Although not possible for some of the minerals, the most specific means of diagnosing a mineral deficiency is by testing animals for unique functional deficits or deficiencies of specific mineral containing proteins or enzymes. This type of testing is often impractical from a field perspective due to individual test costs or rigorous sample handling requirements. But, when possible, this type of testing eliminates the need to know the specific molecular characteristics of a dietary mineral and the potential for competitive interactions of antagonistic minerals for absorption/utilization. For minerals that do not have identified physiologic indices for which testing can be performed, direct quantification from animal tissues or serum may provide a reliable indication of the overall mineral status of the animal or herd.
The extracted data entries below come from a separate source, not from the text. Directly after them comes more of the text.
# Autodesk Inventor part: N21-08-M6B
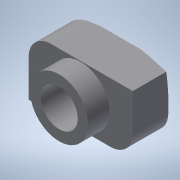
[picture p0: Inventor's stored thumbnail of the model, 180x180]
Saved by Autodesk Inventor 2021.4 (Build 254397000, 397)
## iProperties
Created: 2019-02
Part Number: N21-08-M6B
Material: Generico
Document SubType Name: Modeling
Designer: daniele.berto
Mass: 0.546178 g
Surface Area: 5.88072 cm^2
Volume: 0.546178 cm^3
Density: 1 g/cm^3
Appearance: Default
Title: 5037.step
DCM_MASS: 0.0
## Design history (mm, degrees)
feature "M6 ÂÝÎÆ¿×1"
node "Solido1"
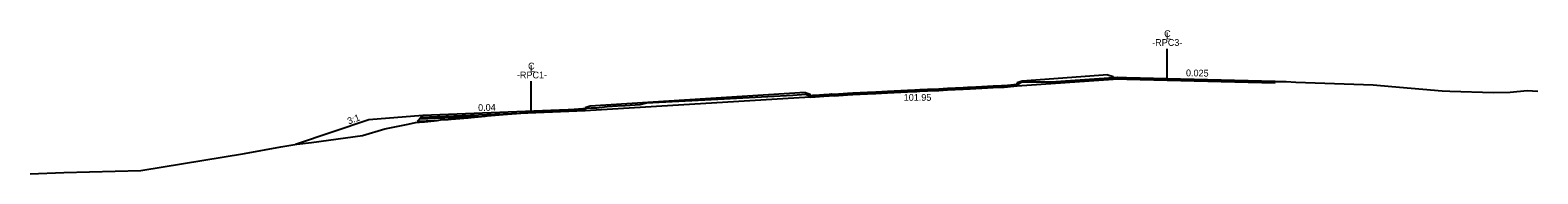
# Model space of a CAD drawing. Extents: x -313 to 385, y -480 to 1023.
# Drawn here: x -313.3 to -90.2, y 519.9 to 541.1 of the extents above; entities that cross this region are included whole.
import ezdxf

# ---------------------------------------------------------------- set-up
doc = ezdxf.new("R2010")
doc.units = 0
for name, color, linetype in [('Exist XS Center Line Elevation Label', 7, 'Continuous'), ('Exist XS Ground Line', 7, 'Continuous'), ('Prop CMT Pvmt Course 3 Wedge', 7, 'Continuous'), ('Prop CMT Pvmt Surface Overlay', 7, 'Continuous'), ('Prop CMT Shld Paved Course 1', 7, 'Continuous'), ('Prop CMT Shld Paved Course 2', 7, 'Continuous'), ('Prop CMT Slope Grass', 7, 'Continuous'), ('Prop Dimension', 7, 'Continuous'), ('Prop XS Label Text', 7, 'Continuous'), ('Prop XS SE Text', 7, 'Continuous'), ('Prop XS Side Slope Text', 7, 'Continuous')]:
    doc.layers.add(name, color=color, linetype=linetype)

msp = doc.modelspace()

# ---------------------------------------------------------------- linework, layer by layer
at = {"layer": 'Exist XS Ground Line'}
msp.add_lwpolyline([(-313.26, 519.9), (-308.29, 520.09), (-296.88, 520.38), (-281.56, 522.9), (-276.17, 523.9), (-273.8, 524.28), (-271.62, 524.55), (-264.12, 525.54), (-260.82, 526.57), (-257.35, 527.26), (-256.24, 527.49), (-255.68, 527.54), (-254.94, 527.6), (-253.48, 527.73), (-253.04, 527.79), (-252.57, 527.87), (-251.44, 527.94), (-250.98, 527.97), (-250.36, 528.03), (-248.47, 528.2), (-248.01, 528.24), (-245.97, 528.42), (-245.65, 528.45), (-243.29, 528.66), (-240.66, 528.85), (-238.45, 529.03), (-235.95, 529.22), (-233.87, 529.38), (-233.44, 529.42), (-231.52, 529.57), (-230.9, 529.61), (-230.27, 529.63), (-229.45, 529.67), (-229.09, 529.71), (-227.93, 529.83), (-226.4, 529.94), (-225.23, 530), (-223.04, 530.15), (-222.41, 530.29), (-222.05, 530.4), (-220.21, 530.5), (-211.55, 530.91), (-200.45, 531.52), (-198.53, 531.65), (-197.87, 531.37), (-197.52, 531.39), (-197.16, 531.41), (-195.84, 531.48), (-195.09, 531.54), (-194.72, 531.59), (-194.35, 531.56), (-192.36, 531.68), (-191.58, 531.72), (-189.4, 531.83), (-188.16, 531.89), (-186.44, 531.98), (-183.48, 532.12), (-182.41, 532.17), (-182.09, 532.2), (-181.67, 532.22), (-180.51, 532.29), (-178.85, 532.35), (-177.54, 532.41), (-175.25, 532.54), (-174.58, 532.58), (-174.2, 532.6), (-171.62, 532.72), (-170.81, 532.78), (-169.58, 532.82), (-169.18, 532.85), (-167.26, 533.05), (-166.56, 533.5), (-162.25, 533.49), (-153.71, 534.07), (-153.07, 534.13), (-152.39, 534.18), (-151.72, 533.94), (-151.31, 533.94), (-149.94, 533.95), (-149.34, 533.94), (-148.41, 533.93), (-146.79, 533.9), (-143.97, 533.85), (-141.68, 533.82), (-139.96, 533.78), (-139.12, 533.77), (-137.85, 533.76), (-136.57, 533.74), (-134.63, 533.7), (-134.02, 533.69), (-131.46, 533.61), (-129.39, 533.57), (-128.91, 533.56), (-127.47, 533.53), (-126.01, 533.45), (-114.58, 533.05), (-111.84, 532.81), (-104.39, 532.16), (-103.23, 532.12), (-96.81, 531.9), (-94.35, 531.97), (-91.8, 532.21), (-90.23, 532.12)], dxfattribs=at)
at = {"layer": 'Prop CMT Pvmt Course 3 Wedge'}
for p in [(-255.67, 527.99), (-253.38, 527.74)]:
    msp.add_line(p, (-256.03, 527.64), dxfattribs=at)
at = {"layer": 'Prop CMT Pvmt Surface Overlay'}
for p, q in [((-129.07, 533.54), (-153.07, 534.14)), ((-129.07, 533.29), (-153.07, 533.89)), ((-231.16, 529.21), (-255.42, 528.24)), ((-231.16, 529.46), (-255.16, 528.5))]:
    msp.add_line(p, q, dxfattribs=at)
for points in [[(-197.87, 531.49), (-197.52, 531.51), (-197.16, 531.53), (-195.84, 531.61), (-195.09, 531.66), (-194.72, 531.72), (-194.35, 531.69), (-192.36, 531.81), (-191.58, 531.85), (-189.4, 531.95), (-188.16, 532.02), (-186.44, 532.1), (-183.48, 532.25), (-182.41, 532.3), (-182.09, 532.32), (-181.67, 532.35), (-180.51, 532.42), (-178.85, 532.48), (-177.54, 532.54), (-175.25, 532.67), (-174.58, 532.71), (-174.2, 532.73), (-171.62, 532.84), (-170.81, 532.9), (-169.58, 532.95), (-169.18, 532.97), (-167.26, 533.17)], [(-197.87, 531.24), (-197.52, 531.26), (-197.16, 531.28), (-195.84, 531.36), (-195.09, 531.41), (-194.72, 531.47), (-194.35, 531.44), (-192.36, 531.56), (-191.58, 531.6), (-189.4, 531.7), (-188.16, 531.77), (-186.44, 531.85), (-183.48, 532), (-182.41, 532.05), (-182.09, 532.07), (-181.67, 532.1), (-180.51, 532.17), (-178.85, 532.23), (-177.54, 532.29), (-175.25, 532.42), (-174.58, 532.46), (-174.2, 532.48), (-171.62, 532.59), (-170.81, 532.65), (-169.58, 532.7), (-169.18, 532.72), (-167.26, 532.92)]]:
    msp.add_lwpolyline(points, dxfattribs=at)
at = {"layer": 'Prop CMT Shld Paved Course 1'}
msp.add_lwpolyline([(-255.16, 528.5), (-255.42, 528.24)], dxfattribs=at)
at = {"layer": 'Prop CMT Shld Paved Course 2'}
msp.add_line((-246.94, 528.33), (-255.68, 527.98), dxfattribs=at)
msp.add_lwpolyline([(-255.42, 528.25), (-255.68, 527.98)], dxfattribs=at)
at = {"layer": 'Prop CMT Slope Grass'}
for p, q in [((-263.16, 527.86), (-274.02, 524.24)), ((-255.16, 528.5), (-263.16, 527.86))]:
    msp.add_line(p, q, dxfattribs=at)
at = {"layer": 'Prop Dimension'}
for p, q in [((-167.26, 532.92), (-153.07, 533.89)), ((-166.51, 533.59), (-167.26, 533.34)), ((-167.26, 532.92), (-167.26, 533.34)), ((-153.82, 534.55), (-166.51, 533.59)), ((-153.82, 534.55), (-153.07, 534.3)), ((-153.07, 533.89), (-153.07, 534.3)), ((-197.87, 531.24), (-231.16, 529.21)), ((-198.62, 531.91), (-230.41, 529.88)), ((-198.62, 531.91), (-197.87, 531.66)), ((-197.87, 531.24), (-197.87, 531.66)), ((-230.41, 529.88), (-231.16, 529.63)), ((-231.16, 529.21), (-231.16, 529.63))]:
    msp.add_line(p, q, dxfattribs=at)
at = {"layer": 'Prop XS Label Text'}
for p, q in [((-145.07, 533.94), (-145.07, 538.38)), ((-239.16, 529.14), (-239.16, 533.59))]:
    msp.add_line(p, q, dxfattribs=at)

# ---------------------------------------------------------------- texts
at = {"layer": 'Exist XS Center Line Elevation Label'}
msp.add_text('101.95', height=1, dxfattribs=at).set_placement((-184.04, 530.69))
at = {"layer": 'Prop XS Label Text'}
for s, p in [('-RPC3-', (-147.28, 538.81)), ('C', (-145.51, 540.12)), ('L', (-145.23, 539.79)), ('C', (-239.61, 535.32)), ('L', (-239.33, 535)), ('-RPC1-', (-241.26, 534.01))]:
    msp.add_text(s, height=1, dxfattribs=at).set_placement(p)
at = {"layer": 'Prop XS SE Text'}
for s, rotation, p in [('0.025', 359.0101, (-142.29, 534.33)), ('0.04', 0.8783, (-246.99, 529.19))]:
    msp.add_text(s, height=1, rotation=rotation, dxfattribs=at).set_placement(p)
at = {"layer": 'Prop XS Side Slope Text'}
msp.add_text('3:1', height=1, rotation=20.6597, dxfattribs=at).set_placement((-266.12, 527.18))

doc.saveas('drawing.dxf')

Mineral deficiencies can be suggestively diagnosed by the development of clinical disease or by postmortem identification of tissue lesions. But proof of mineral deficiencies often requires analytical verification since most do not have very unique clinical signs or lesions. In some instances, circumstantial proof of a deficiency can be provided by positive response to supplementation of a suspected deficient mineral. But positive response may have nothing to do with the supplementation and may be just a time-responsive correction of some other clinical condition.
An individual mineral may have multiple means of measurement for identification of deficiencies, but most have one that is more specific than the others. For example, dietary concentrations may or may not be reflective of the amount of bioavailable minerals. Or an individual tissue concentration may or may not reflect functionally available mineral concentrations at the target or functional site.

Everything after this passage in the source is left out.